BEGIN Listed entries

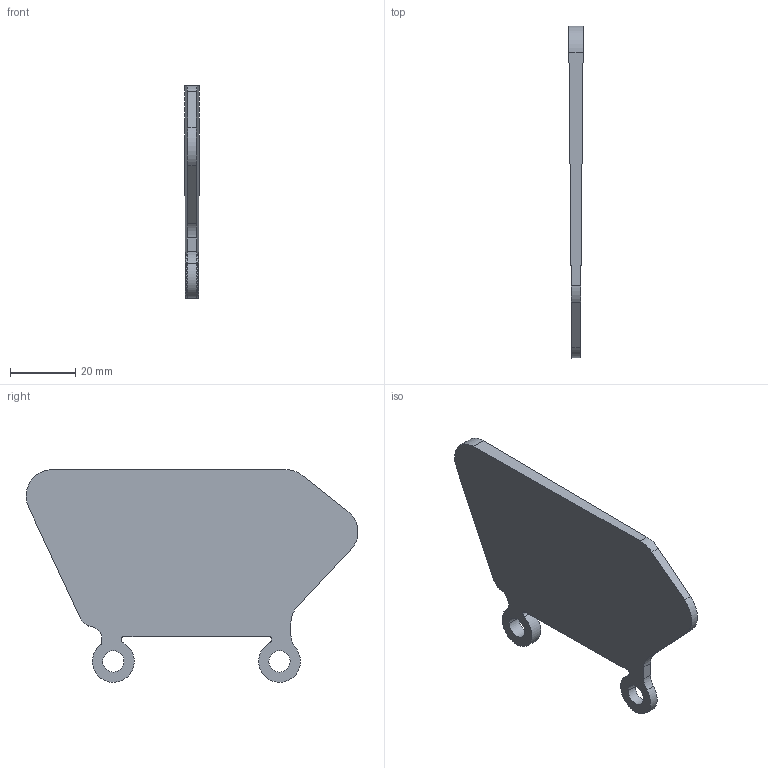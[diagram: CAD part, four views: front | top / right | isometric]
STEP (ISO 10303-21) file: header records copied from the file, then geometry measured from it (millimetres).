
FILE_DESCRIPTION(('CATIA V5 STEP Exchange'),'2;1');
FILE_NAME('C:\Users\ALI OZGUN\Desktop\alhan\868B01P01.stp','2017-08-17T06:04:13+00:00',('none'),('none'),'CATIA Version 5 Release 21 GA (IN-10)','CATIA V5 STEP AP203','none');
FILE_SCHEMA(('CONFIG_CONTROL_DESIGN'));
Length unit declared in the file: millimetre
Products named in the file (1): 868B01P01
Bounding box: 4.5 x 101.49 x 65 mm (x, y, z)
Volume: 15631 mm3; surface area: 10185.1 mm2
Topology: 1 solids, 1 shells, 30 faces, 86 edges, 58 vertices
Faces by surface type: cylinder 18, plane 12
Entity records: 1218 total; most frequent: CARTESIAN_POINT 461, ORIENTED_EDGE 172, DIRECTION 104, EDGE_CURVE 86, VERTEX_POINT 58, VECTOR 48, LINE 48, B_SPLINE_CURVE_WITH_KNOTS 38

END Listed entries

| What to produce |
Produce the entries above once more, exactly as given, with each picture left out.

| The answer |
[diagram: CAD part, four views: front | top / right | isometric]
STEP (ISO 10303-21) file: header records copied from the file, then geometry measured from it (millimetres).
FILE_DESCRIPTION(('CATIA V5 STEP Exchange'),'2;1');
FILE_NAME('C:\Users\ALI OZGUN\Desktop\alhan\868B01P01.stp','2017-08-17T06:04:13+00:00',('none'),('none'),'CATIA Version 5 Release 21 GA (IN-10)','CATIA V5 STEP AP203','none');
FILE_SCHEMA(('CONFIG_CONTROL_DESIGN'));
Length unit declared in the file: millimetre
Products named in the file (1): 868B01P01
Bounding box: 4.5 x 101.49 x 65 mm (x, y, z)
Volume: 15631 mm3; surface area: 10185.1 mm2
Topology: 1 solids, 1 shells, 30 faces, 86 edges, 58 vertices
Faces by surface type: cylinder 18, plane 12
Entity records: 1218 total; most frequent: CARTESIAN_POINT 461, ORIENTED_EDGE 172, DIRECTION 104, EDGE_CURVE 86, VERTEX_POINT 58, VECTOR 48, LINE 48, B_SPLINE_CURVE_WITH_KNOTS 38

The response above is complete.